Microsoft Removes 260-Character Path Length Limit in Windows 10 Redstone - gwbas1c
http://news.softpedia.com/news/microsoft-removes-260-characters-path-length-limit-in-windows-10-redstone-504596.shtml
======
UnoriginalGuy
Inaccurate title.

Windows currently doesn't have a 260 character path length limit. However some
legacy Win32 APIs only support up to 260 characters for backwards
compatibility and old file system reasons.

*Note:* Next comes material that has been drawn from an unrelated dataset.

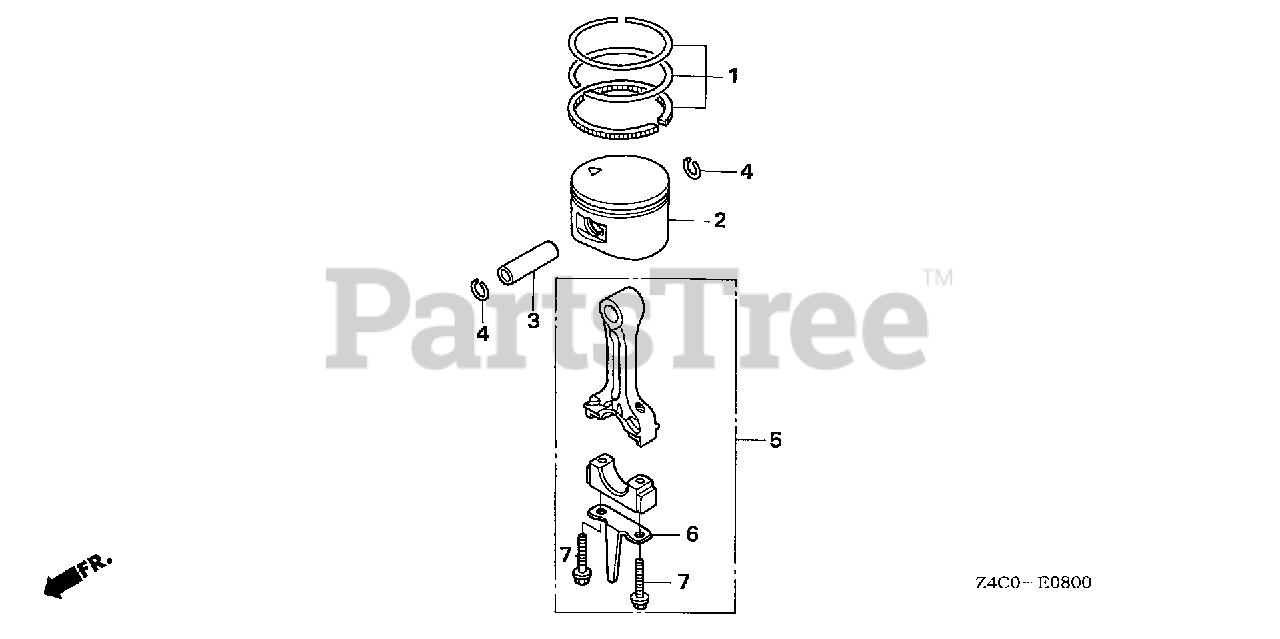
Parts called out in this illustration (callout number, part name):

If you use UNC paths you can have a path with 32,767 characters in it, 255
characters per element (e.g. a single folder/file name of 255 characters).

To quote MSDN:

> The Windows API has many functions that also have Unicode versions to permit
> an extended-length path for a maximum total path length of 32,767
> characters. This type of path is composed of components separated by
> backslashes, each up to the value returned in the lpMaximumComponentLength
> parameter of the GetVolumeInformation function (this value is commonly 255
> characters). To specify an extended-length path, use the "\\\?\" prefix. For
> example, "\\\?\D:\very long path".

All this GPO policy does it change existing non-unicode Win32 APIs to support
paths beyond the 260 character limit. However this likely won't work on pre-
Windows 10 versions of Windows, non-NTFS filesystems, and just having long
file/folder names may within itself break older software.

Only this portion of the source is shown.